Sucks to be unarmed. Glad I'm an armed American.
http://www.cphpost.dk/get/103197.html
Insurgents apply home front terror to soldiers’ families
Internet telephone directories make it easy for insurgent groups in Iraq and Afghanistan to track down family members of soldiers
A growing number of families of soldiers who served in Iraq and Afghanistan are receiving calls in the dead of the night that include loud shouting and expletives yelled in English.
According to the Danish Defence Intelligence Agency (FE), insurgent groups in Iraq have managed to tap into soldiers’ mobile phones to call Denmark and hack into email accounts, enabling the groups to trace soldiers’ family members and issue the threats.
The calls signal a shift in tactics by the insurgent groups, according to Steen Kjærgaard, a captain at the Defence Academy who has conducted research in psychological warfare.

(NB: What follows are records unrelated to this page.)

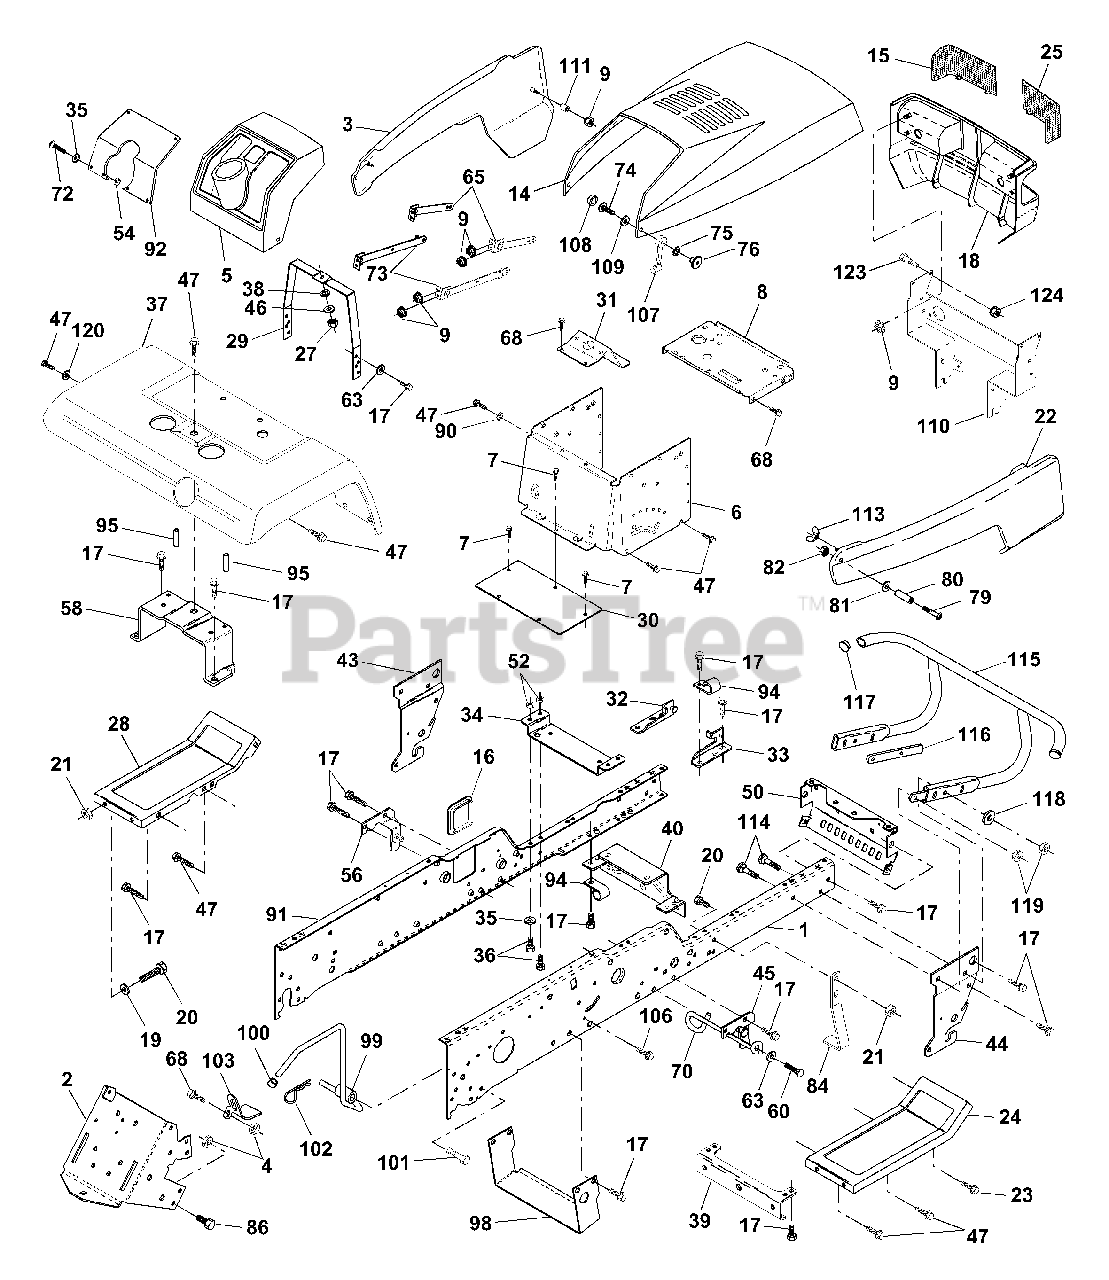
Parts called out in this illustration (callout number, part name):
1	Rail, Frame RH
2	Drawbar, Gt
3	Panel Asm., Side LH
4	Nut, Lock Hex 7/16 Unc
5	Dash, Plastic Black
6	Dash Asm., Lower
7	Screw, Thd Cut 1/4-20 x 1/2
8	Support, Battery
14	Hood Asm., Pnt
15	Lens Headlight LH
16	Cover, Access
17	Screw, Thdrol 3/8-16 x 3/4
18	Grille
19	Washer 13/32 x 13/16 x 12 Ga.
20	Bolt, Fin Hex 3/8-16 x 1
21	Nut, Crownlock 3/8-16
22	Panel Asm., Side RH
24	Footrest, RH
25	Lens, Headlight RH
27	Nut, Fin Hex 1/4-20
28	Footrest, LH
29	Bracket, Support Dash
31	Brace, Support Steering
32	Bracket Asm., Frame Pivot Lh
33	Bracket Asm., Frame Pivot Rh
34	Bracket, Engine Support Rear
35	Washer 11/32 x 11/16 x 16 Ga.
36	Bolt, Fin Hex 5/16-18 x 3/4
37	Fender, Pnt.
38	Washer, Lock 1/4
39	Bracket, Axle Front
40	Bracket, Support Axle/Engine
43	Bracket, Spnsn Front Lh
44	Bracket, Spnsn Front Rh
45	Bracket Asm., Susp Chassis Rh
46	Washer 9/32 x 3/4 x 16 Ga.
47	Screw Thdrol 3/8-16 x 1/2
50	Bracket, Chassis Front
52	Nut, Crownlock 5/16-18
54	Nut 5/16-18
56	Bracket Asm., Susp Chassis Lh
58	Bracket Asm., Fender
60	Screw Thdrol 3/8-16 x 1-1/4
63	Washer 13/32 x 1 x 14 Ga.
65	Strap, Asm. Hinge Front
68	Screw Thdrol. 5/16-18 x 1/2
70	Guide, Belt Mid Span
72	Screw, Mach Trhd 5/16-18 x 3/4
73	Strap, Asm. Hinge Rear
74	Screw, Machine #10-24
75	Washer, Lock #10
76	Nut, Weld #10-24
79	Screw, Machine #10-24 x 1/4
80	Spacer, Split
81	Washer 7/32 x 1/2 x 18 Ga.
82	Nut #10-24
84	Stop, Over Center Mower
86	Bolt, Fin Hex 7/16-14 Unc x 1
90	Washer, Lock External Tooth 3/8
91	Rail, Frame Lh
92	Plate, Silkscreen Dash
94	Clip, Fuel Line
95	Push Nut, Nylon
98	Bracket Chassis Skid
99	Rod Asm. Bypass
100	Cap Brake Parking Black
101	Screw Thdrol. 3/8-16 x 1-3/4
102	Retainer Spring
103	Bracket Lock Bypass
106	Screw Thdrol Hex Head Zinc MWR
107	Latch, Chute Blk
108	Cap, Snap Black
109	Cap, Washer Snap
110	Support Asm. Grille
113	Nut, Plastic Locking Wing 1/4-20
114	Bolt, Carriage 3/8-16 x 1-1/4
115	Bumper Asm. W/Poly Bag
116	Bracket, Extension Bumper
117	Plug Plastic
118	Washer 13/32 x 13/16 x 16 Ga.
119	Nut, Crownlock 3/8-16 UNC
120	Washer 13/32 x 1 x 16 Ga.
123	Bolt, Shoulder 1/4-20
124	Nut Crownlock 1/4-20
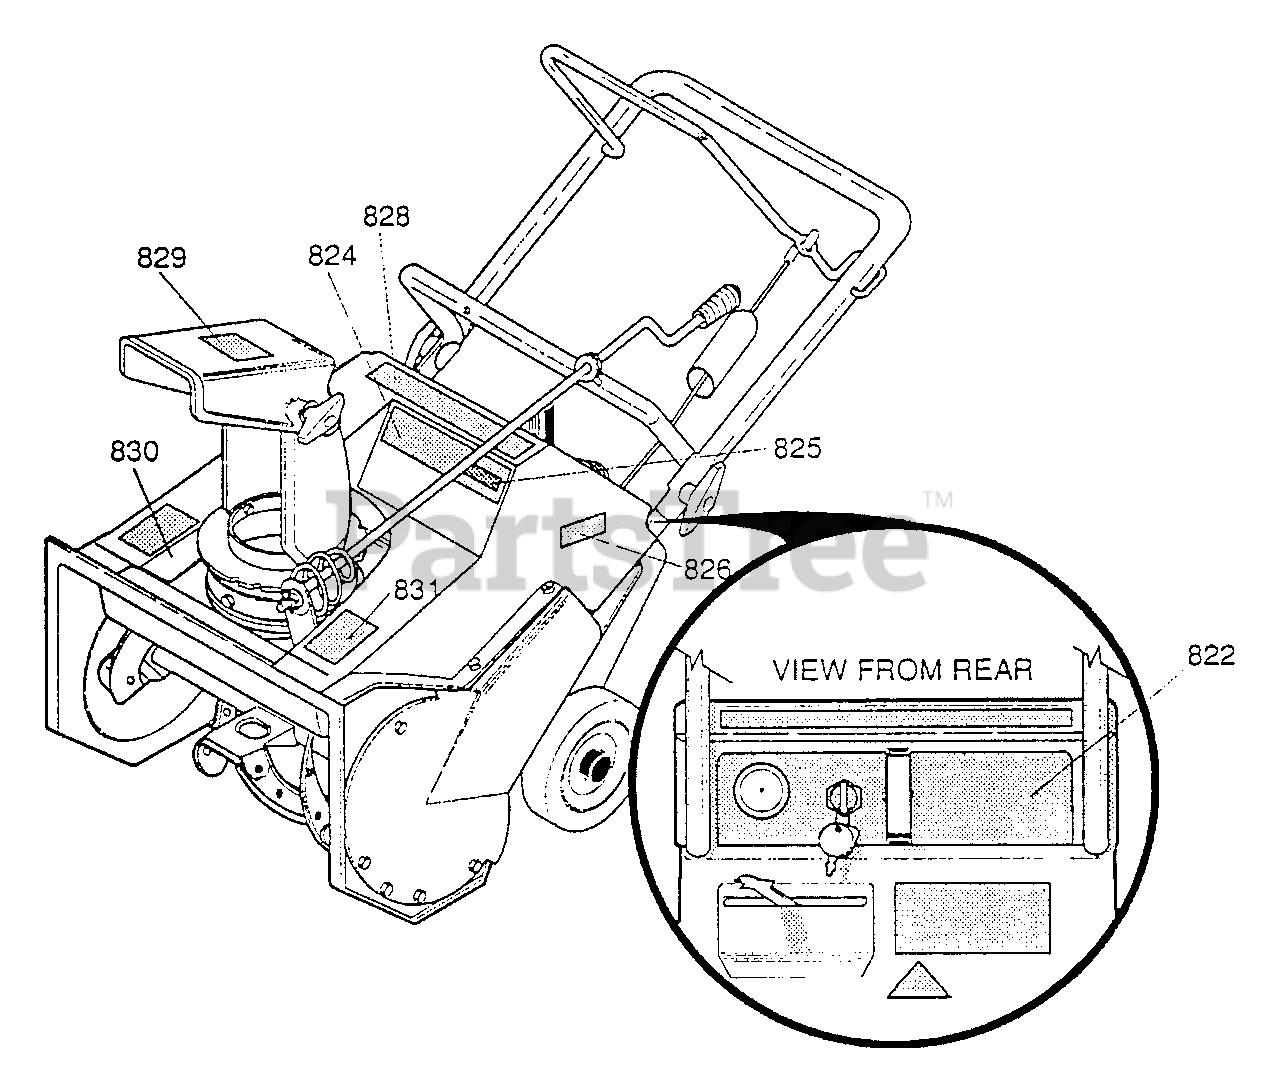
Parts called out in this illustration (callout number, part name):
822	DECAL, CONTROL PANEL
826	DECAL, DANGER MUFFLER
828	DECAL, START INSTR
829	DECAL, DANGER CHUTE
830	DECAL, DANGER CHUTE
831	DECAL. DANGER AUGER
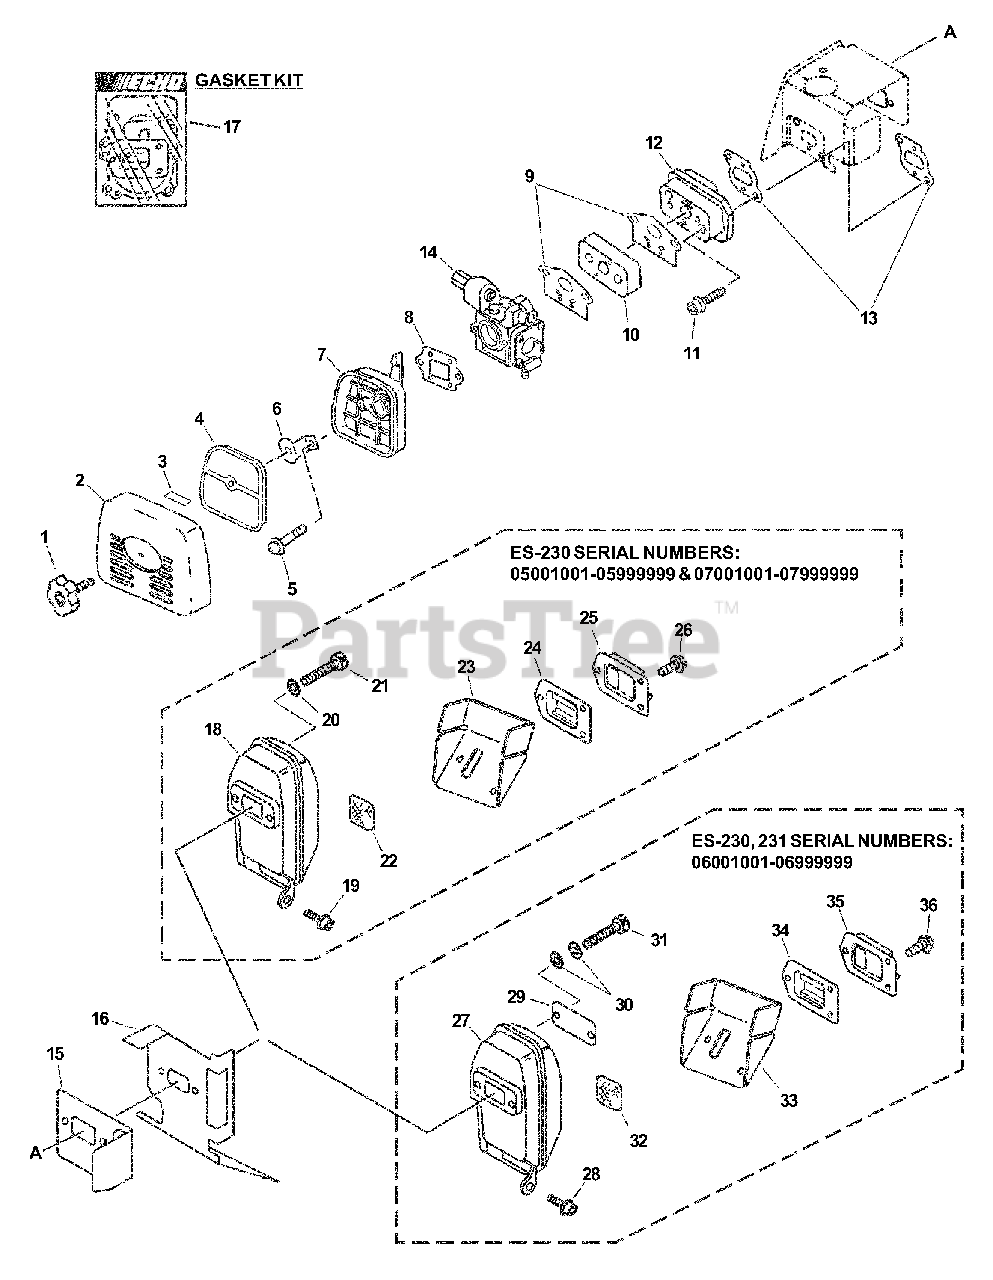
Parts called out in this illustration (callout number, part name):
1	THUMBSCREW
2	COVER, AIR FILTER
3	LABEL - CHOKE
4	FILTER, AIR - HEAVY DUTY
5	SCREW - 5X65
6	PLATE, PREVENT
7	CASE, AIR FILTER
9	GASKET, INTAKE
10	INSULATOR, INTAKE
11	SCREW - 5X25
12	INSULATOR, INTAKE
13	GASKET, INTAKE
14	CARBURETOR
15	GASKET, EXHAUST
16	SHIELD, EXHAUST
17	GASKET KIT
18	MUFFLER
19	SCREW - 5X16
20	WASHER - 5
21	SCREW - 5X60
22	SCREEN, SPARK ARRESTOR
23	GASKET, EXHAUST
24	GUIDE, EXHAUST - INNER
25	GUIDE, EXHAUST
26	SCREW - 4X10
27	MUFFLER
28	SCREW - 5X16
29	PLATE
30	WASHER - CONICAL
31	BOLT - 5X65
32	SCREEN, SPARK ARRESTOR
33	GASKET, EXHAUST
34	GUIDE, EXHAUST - INNER
35	GUIDE, EXHAUST
36	SCREW - 4X12
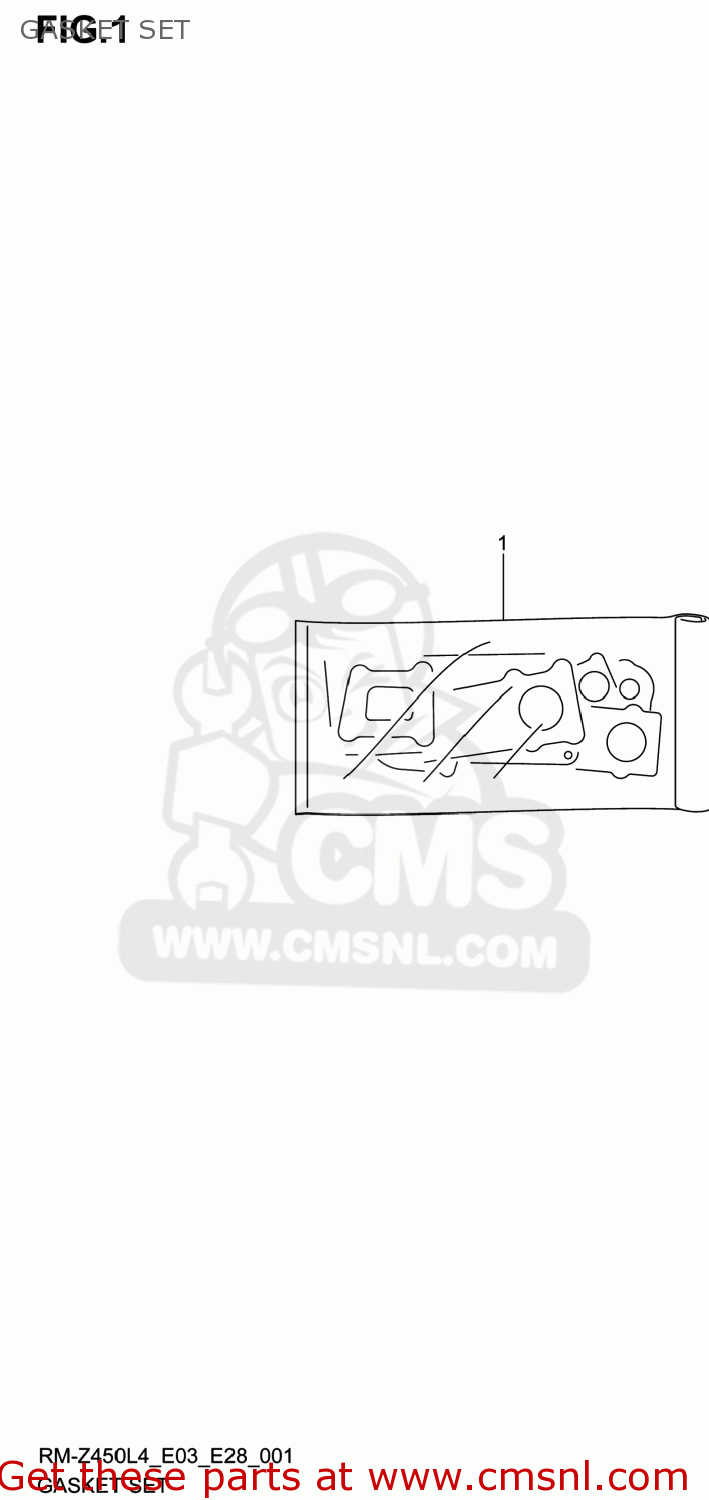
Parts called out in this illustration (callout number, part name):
1	GASKET SET (NAS)
2	GASKET,CYLINDER HEAD (NAS)
3	GASKET,CYL HEAD COVER (NAS)
4	GASKET,CYLINDER (NAS)
5	GASKET,CRANKCASE (NAS)
6	GASKET,CLUTCH COVER (NAS)
7	GASKET,MAGNETO COVER (NAS)
8	GASKET,CLUTCH COVER OUTER (NAS)
9	GASKET,TENSIONER ADJUSTER (NAS)
10	GASKET,EXHAUST PIPE (NAS)
11	O RING,WATER PUMP CASE

‘They realise that if they want to have success, then they need to win the fight in the arena of the Information Age,’ Kjærgaard told Nyhedsavisen.
‘By contacting family members, the groups hope to spread so much fear that the soldiers are incapacitated,’ he said.
‘The terrorists hit the soldiers hard by contacting their families because they can’t help them when they are in Iraq or Afghanistan,’ Kjærgaard said. ‘It shifts the soldiers’ focus from the task at hand and creates unease. So the strategy is actually quite effective.’
According to Ralf Clemmesen, a soldier who served in Iraq and has received such calls, the tactic worked on him.
‘I couldn’t fight when my family was threatened,’ said Clemmesen. ‘I can take care of myself, but it was unbearable to think about what could have happened to my family.’
Although the calls have taken their toll on soldiers and their families, the defence minister, Søren Gade, said Denmark would not follow in the footsteps of the US and Great Britain and ban their soldiers from using mobile phones.
‘We could of course shut down all communication, as some countries have done, but that would violate the soldiers’ right to talk with their families,’ said Gade.
The Danish defence forces have instead recommended that soldiers limit their communication to the military’s secure telephone lines to protect their privacy.